I'm not sure what info you got, but what were the reasons that you understand to be correct?

Proviron is used to stimulate spermagenisus, and to increase free test by occupying SHBGs. I am not sure what negative interactions they would have. I can understand that some might think that proviron is a strong enough androgen to count act the effects of clomid when using it to reestablish your HPTA, but in my experiences 25mg ED shouldnt effect the restoration of the HPTA. 50+mg can have a negative effect on the restoration of the HPTA, but doses up to 150mg ED will only suppress the HPTA in some cases.
 
LAWNSAVER said:
I'm not sure what info you got, but what were the reasons that you understand to be correct?

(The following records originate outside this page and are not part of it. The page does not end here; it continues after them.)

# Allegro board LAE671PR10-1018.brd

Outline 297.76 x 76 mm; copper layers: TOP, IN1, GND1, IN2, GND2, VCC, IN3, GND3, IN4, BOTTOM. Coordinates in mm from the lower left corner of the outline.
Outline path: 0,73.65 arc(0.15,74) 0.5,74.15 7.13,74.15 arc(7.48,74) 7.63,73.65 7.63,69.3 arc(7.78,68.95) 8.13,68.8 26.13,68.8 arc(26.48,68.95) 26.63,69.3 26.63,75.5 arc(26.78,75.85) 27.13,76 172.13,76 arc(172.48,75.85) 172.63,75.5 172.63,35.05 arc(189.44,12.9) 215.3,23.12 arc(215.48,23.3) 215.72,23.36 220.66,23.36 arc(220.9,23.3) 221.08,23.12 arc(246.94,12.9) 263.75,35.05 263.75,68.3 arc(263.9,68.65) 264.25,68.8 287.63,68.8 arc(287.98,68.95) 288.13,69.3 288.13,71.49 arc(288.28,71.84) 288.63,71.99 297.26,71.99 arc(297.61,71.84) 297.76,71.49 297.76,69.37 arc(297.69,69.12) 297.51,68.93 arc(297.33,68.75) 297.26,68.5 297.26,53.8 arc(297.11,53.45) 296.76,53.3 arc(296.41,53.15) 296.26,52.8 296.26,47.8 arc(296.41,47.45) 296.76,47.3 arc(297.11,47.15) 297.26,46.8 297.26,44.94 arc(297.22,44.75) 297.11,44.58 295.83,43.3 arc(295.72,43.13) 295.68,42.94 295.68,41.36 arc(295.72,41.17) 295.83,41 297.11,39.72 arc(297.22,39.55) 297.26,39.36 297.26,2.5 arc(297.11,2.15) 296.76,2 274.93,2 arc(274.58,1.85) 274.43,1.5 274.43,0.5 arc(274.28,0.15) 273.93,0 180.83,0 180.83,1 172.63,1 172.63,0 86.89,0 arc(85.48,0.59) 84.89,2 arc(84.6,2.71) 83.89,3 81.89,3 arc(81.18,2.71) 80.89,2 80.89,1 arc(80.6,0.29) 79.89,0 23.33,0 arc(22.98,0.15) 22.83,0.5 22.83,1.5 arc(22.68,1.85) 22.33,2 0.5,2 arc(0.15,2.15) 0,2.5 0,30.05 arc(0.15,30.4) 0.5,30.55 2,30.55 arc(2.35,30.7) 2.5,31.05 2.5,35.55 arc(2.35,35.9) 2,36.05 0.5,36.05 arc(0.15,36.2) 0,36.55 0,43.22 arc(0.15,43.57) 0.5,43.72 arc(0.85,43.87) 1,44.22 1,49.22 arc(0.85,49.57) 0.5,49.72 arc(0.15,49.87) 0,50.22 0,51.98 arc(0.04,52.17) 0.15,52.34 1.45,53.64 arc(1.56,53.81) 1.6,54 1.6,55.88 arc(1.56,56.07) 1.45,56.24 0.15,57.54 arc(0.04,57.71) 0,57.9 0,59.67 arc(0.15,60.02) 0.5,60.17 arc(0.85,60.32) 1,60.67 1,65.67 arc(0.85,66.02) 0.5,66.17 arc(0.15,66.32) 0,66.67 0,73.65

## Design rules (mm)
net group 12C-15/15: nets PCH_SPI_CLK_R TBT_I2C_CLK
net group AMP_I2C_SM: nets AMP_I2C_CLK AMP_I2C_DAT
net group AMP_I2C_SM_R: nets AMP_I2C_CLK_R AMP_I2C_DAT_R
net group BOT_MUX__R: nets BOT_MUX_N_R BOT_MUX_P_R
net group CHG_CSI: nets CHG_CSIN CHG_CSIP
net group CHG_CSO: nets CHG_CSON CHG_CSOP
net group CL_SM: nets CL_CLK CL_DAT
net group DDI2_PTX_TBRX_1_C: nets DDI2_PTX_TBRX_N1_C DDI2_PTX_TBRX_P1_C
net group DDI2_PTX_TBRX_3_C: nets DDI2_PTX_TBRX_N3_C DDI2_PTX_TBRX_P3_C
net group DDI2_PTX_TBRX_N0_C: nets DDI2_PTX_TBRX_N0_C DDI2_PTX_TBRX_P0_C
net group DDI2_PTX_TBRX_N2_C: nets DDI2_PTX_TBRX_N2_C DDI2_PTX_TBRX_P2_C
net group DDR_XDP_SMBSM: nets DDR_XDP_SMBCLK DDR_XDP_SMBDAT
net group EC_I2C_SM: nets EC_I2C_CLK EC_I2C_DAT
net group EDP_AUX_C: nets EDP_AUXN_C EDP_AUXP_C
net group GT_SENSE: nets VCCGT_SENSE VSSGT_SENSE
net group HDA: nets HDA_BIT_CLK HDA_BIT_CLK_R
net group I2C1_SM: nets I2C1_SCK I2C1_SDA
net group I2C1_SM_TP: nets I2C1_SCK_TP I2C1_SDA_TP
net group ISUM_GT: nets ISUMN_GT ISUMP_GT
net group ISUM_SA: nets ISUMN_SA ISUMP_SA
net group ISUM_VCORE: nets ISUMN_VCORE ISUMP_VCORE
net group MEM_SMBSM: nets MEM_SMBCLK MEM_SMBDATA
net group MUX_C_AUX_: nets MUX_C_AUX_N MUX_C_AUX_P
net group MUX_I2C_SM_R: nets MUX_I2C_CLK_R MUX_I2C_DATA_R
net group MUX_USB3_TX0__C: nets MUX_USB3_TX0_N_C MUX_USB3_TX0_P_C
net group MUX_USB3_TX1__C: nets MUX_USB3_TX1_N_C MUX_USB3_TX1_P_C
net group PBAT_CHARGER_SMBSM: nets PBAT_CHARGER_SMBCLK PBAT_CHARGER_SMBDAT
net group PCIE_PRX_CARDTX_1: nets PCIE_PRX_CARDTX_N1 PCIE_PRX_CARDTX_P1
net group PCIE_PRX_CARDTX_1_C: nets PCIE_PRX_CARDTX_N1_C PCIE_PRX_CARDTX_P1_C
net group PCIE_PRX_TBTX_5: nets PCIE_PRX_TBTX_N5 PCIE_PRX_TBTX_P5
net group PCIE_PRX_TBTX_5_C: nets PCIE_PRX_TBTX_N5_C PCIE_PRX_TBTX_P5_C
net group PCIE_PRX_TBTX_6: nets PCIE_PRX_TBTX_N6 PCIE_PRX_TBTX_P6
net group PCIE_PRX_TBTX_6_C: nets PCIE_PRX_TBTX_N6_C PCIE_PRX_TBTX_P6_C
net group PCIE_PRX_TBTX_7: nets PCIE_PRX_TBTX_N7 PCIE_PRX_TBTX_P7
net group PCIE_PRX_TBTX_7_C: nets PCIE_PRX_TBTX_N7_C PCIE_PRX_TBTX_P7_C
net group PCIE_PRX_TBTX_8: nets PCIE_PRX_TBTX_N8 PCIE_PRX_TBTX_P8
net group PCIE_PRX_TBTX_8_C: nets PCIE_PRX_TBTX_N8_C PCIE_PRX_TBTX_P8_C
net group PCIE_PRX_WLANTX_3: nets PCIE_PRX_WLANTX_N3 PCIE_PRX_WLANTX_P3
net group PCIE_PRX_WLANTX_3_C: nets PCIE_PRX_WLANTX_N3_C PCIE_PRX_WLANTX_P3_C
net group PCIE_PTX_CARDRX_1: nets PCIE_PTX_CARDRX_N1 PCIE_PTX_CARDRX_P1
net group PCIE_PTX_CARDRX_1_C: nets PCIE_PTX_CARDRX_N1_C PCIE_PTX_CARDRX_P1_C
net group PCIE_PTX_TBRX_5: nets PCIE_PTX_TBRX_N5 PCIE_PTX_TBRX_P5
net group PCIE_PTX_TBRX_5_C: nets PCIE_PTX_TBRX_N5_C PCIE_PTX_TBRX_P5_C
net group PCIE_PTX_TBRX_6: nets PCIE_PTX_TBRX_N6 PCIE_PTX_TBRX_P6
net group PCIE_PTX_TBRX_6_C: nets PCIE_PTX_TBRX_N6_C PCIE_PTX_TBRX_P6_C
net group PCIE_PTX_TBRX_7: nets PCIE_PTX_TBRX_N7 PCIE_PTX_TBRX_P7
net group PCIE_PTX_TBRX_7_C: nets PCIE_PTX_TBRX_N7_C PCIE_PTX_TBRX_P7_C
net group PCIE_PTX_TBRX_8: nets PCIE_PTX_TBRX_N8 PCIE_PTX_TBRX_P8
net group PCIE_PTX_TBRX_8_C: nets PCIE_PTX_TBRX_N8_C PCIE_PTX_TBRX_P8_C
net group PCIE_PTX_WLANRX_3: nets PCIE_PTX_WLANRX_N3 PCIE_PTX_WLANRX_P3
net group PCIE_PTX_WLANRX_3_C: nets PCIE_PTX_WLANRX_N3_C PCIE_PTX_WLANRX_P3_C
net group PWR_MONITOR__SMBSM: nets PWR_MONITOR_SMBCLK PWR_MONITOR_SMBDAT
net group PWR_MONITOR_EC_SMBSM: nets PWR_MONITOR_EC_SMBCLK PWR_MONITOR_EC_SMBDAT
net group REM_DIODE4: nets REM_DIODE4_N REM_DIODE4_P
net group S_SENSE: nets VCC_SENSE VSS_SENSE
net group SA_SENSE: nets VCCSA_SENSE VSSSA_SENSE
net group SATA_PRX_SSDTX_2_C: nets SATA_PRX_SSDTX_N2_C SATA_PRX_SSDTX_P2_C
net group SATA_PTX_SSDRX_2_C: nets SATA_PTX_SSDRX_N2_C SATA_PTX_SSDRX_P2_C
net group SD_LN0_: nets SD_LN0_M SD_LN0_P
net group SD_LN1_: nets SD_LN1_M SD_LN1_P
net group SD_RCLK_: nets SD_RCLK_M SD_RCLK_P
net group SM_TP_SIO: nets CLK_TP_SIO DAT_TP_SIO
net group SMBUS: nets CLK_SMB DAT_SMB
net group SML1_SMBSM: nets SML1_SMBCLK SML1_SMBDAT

Proviron is used to stimulate spermagenisus, and to increase free test by occupying SHBGs. I am not sure what negative interactions they would have. I can understand that some might think that proviron is a strong enough androgen to count act the effects of clomid when using it to reestablish your HPTA, but in my experiences 25mg ED shouldnt effect the restoration of the HPTA. 50+mg can have a negative effect on the restoration of the HPTA, but doses up to 150mg ED will only suppress the HPTA in some cases.

I agree with what you said. Much depends on dosage you use. Here (Italy) dosage of Proviron is 50mg each tablet and I personally like the "hard" look that proviron has on me. I use a dosage of 100/150 mg/day. Many people here do the same, so it's quite normal not using prviron and clomid together not to have different inputs on your HPTA at the same time.